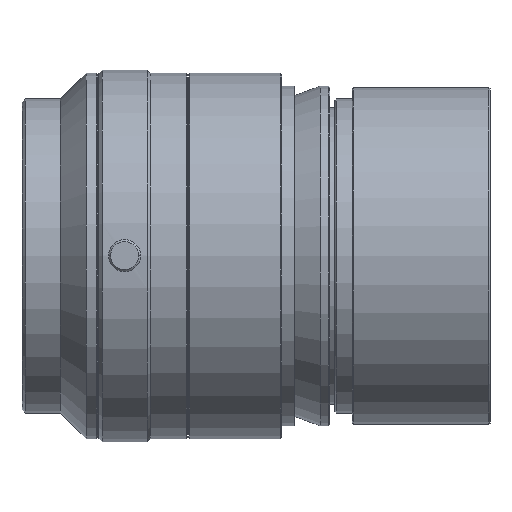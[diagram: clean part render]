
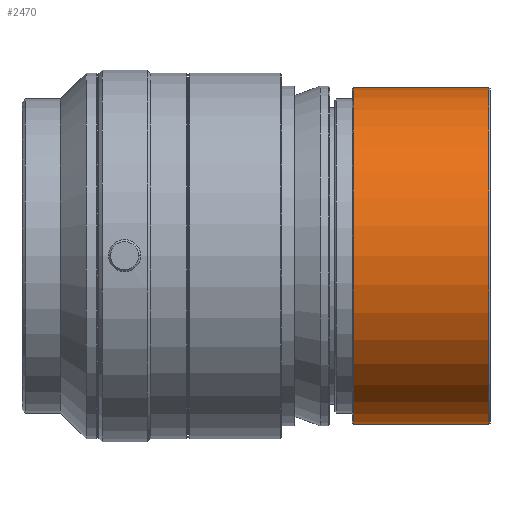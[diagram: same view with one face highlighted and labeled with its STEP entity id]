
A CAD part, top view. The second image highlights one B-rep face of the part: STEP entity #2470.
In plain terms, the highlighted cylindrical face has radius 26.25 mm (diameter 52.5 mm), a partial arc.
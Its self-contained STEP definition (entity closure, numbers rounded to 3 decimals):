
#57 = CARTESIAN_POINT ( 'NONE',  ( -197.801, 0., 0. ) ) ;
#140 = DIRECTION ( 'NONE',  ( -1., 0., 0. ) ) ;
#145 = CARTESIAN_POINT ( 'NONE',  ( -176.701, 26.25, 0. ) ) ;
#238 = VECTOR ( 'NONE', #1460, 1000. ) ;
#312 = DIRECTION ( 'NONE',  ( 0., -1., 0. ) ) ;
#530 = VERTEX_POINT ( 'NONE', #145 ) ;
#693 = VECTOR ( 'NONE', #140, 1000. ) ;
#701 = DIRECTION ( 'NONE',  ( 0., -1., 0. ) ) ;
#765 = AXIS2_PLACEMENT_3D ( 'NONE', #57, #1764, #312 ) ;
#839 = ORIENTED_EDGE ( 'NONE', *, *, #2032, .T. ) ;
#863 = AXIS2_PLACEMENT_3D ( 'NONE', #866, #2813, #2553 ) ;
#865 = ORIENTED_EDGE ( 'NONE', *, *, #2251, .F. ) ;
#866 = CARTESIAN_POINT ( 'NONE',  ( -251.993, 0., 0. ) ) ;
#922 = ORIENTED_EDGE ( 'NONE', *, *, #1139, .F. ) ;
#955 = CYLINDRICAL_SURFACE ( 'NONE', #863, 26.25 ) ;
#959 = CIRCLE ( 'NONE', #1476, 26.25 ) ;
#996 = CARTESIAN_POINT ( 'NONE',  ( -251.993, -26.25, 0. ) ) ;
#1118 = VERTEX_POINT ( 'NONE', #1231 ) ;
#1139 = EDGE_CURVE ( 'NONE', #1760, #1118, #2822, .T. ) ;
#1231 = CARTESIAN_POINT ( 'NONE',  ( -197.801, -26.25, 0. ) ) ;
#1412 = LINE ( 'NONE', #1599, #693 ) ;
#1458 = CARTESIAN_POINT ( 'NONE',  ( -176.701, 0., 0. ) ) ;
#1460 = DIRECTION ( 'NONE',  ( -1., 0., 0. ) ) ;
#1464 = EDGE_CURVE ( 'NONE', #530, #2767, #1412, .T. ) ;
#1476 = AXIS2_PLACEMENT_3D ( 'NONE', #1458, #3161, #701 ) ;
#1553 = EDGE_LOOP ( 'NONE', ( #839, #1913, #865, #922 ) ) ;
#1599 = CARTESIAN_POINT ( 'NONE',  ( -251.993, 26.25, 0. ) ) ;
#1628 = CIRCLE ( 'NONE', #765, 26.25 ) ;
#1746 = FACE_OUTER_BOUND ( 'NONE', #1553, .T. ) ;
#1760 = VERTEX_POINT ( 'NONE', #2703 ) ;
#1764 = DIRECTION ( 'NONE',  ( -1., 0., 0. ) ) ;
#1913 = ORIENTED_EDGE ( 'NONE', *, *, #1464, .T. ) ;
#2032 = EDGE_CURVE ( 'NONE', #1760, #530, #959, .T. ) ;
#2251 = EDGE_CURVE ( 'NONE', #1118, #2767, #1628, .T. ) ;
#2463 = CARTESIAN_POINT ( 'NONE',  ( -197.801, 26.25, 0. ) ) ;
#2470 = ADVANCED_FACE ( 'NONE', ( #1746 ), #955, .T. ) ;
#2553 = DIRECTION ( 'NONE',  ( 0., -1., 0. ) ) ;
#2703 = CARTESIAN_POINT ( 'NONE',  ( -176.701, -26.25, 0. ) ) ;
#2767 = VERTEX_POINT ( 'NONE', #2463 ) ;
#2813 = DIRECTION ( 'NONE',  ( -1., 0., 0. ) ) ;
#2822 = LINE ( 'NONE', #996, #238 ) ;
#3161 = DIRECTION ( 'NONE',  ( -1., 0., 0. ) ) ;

■ YOUR TASK: Print all entries exactly; skip the pictures.

■ WRITTEN ANSWER:
[diagram: clean part render]
[diagram: same view with one face highlighted and labeled with its STEP entity id]
A CAD part, top view. The second image highlights one B-rep face of the part: STEP entity #2470.
In plain terms, the highlighted cylindrical face has radius 26.25 mm (diameter 52.5 mm), a partial arc.
Its self-contained STEP definition (entity closure, numbers rounded to 3 decimals):
#57 = CARTESIAN_POINT ( 'NONE',  ( -197.801, 0., 0. ) ) ;
#140 = DIRECTION ( 'NONE',  ( -1., 0., 0. ) ) ;
#145 = CARTESIAN_POINT ( 'NONE',  ( -176.701, 26.25, 0. ) ) ;
#238 = VECTOR ( 'NONE', #1460, 1000. ) ;
#312 = DIRECTION ( 'NONE',  ( 0., -1., 0. ) ) ;
#530 = VERTEX_POINT ( 'NONE', #145 ) ;
#693 = VECTOR ( 'NONE', #140, 1000. ) ;
#701 = DIRECTION ( 'NONE',  ( 0., -1., 0. ) ) ;
#765 = AXIS2_PLACEMENT_3D ( 'NONE', #57, #1764, #312 ) ;
#839 = ORIENTED_EDGE ( 'NONE', *, *, #2032, .T. ) ;
#863 = AXIS2_PLACEMENT_3D ( 'NONE', #866, #2813, #2553 ) ;
#865 = ORIENTED_EDGE ( 'NONE', *, *, #2251, .F. ) ;
#866 = CARTESIAN_POINT ( 'NONE',  ( -251.993, 0., 0. ) ) ;
#922 = ORIENTED_EDGE ( 'NONE', *, *, #1139, .F. ) ;
#955 = CYLINDRICAL_SURFACE ( 'NONE', #863, 26.25 ) ;
#959 = CIRCLE ( 'NONE', #1476, 26.25 ) ;
#996 = CARTESIAN_POINT ( 'NONE',  ( -251.993, -26.25, 0. ) ) ;
#1118 = VERTEX_POINT ( 'NONE', #1231 ) ;
#1139 = EDGE_CURVE ( 'NONE', #1760, #1118, #2822, .T. ) ;
#1231 = CARTESIAN_POINT ( 'NONE',  ( -197.801, -26.25, 0. ) ) ;
#1412 = LINE ( 'NONE', #1599, #693 ) ;
#1458 = CARTESIAN_POINT ( 'NONE',  ( -176.701, 0., 0. ) ) ;
#1460 = DIRECTION ( 'NONE',  ( -1., 0., 0. ) ) ;
#1464 = EDGE_CURVE ( 'NONE', #530, #2767, #1412, .T. ) ;
#1476 = AXIS2_PLACEMENT_3D ( 'NONE', #1458, #3161, #701 ) ;
#1553 = EDGE_LOOP ( 'NONE', ( #839, #1913, #865, #922 ) ) ;
#1599 = CARTESIAN_POINT ( 'NONE',  ( -251.993, 26.25, 0. ) ) ;
#1628 = CIRCLE ( 'NONE', #765, 26.25 ) ;
#1746 = FACE_OUTER_BOUND ( 'NONE', #1553, .T. ) ;
#1760 = VERTEX_POINT ( 'NONE', #2703 ) ;
#1764 = DIRECTION ( 'NONE',  ( -1., 0., 0. ) ) ;
#1913 = ORIENTED_EDGE ( 'NONE', *, *, #1464, .T. ) ;
#2032 = EDGE_CURVE ( 'NONE', #1760, #530, #959, .T. ) ;
#2251 = EDGE_CURVE ( 'NONE', #1118, #2767, #1628, .T. ) ;
#2463 = CARTESIAN_POINT ( 'NONE',  ( -197.801, 26.25, 0. ) ) ;
#2470 = ADVANCED_FACE ( 'NONE', ( #1746 ), #955, .T. ) ;
#2553 = DIRECTION ( 'NONE',  ( 0., -1., 0. ) ) ;
#2703 = CARTESIAN_POINT ( 'NONE',  ( -176.701, -26.25, 0. ) ) ;
#2767 = VERTEX_POINT ( 'NONE', #2463 ) ;
#2813 = DIRECTION ( 'NONE',  ( -1., 0., 0. ) ) ;
#2822 = LINE ( 'NONE', #996, #238 ) ;
#3161 = DIRECTION ( 'NONE',  ( -1., 0., 0. ) ) ;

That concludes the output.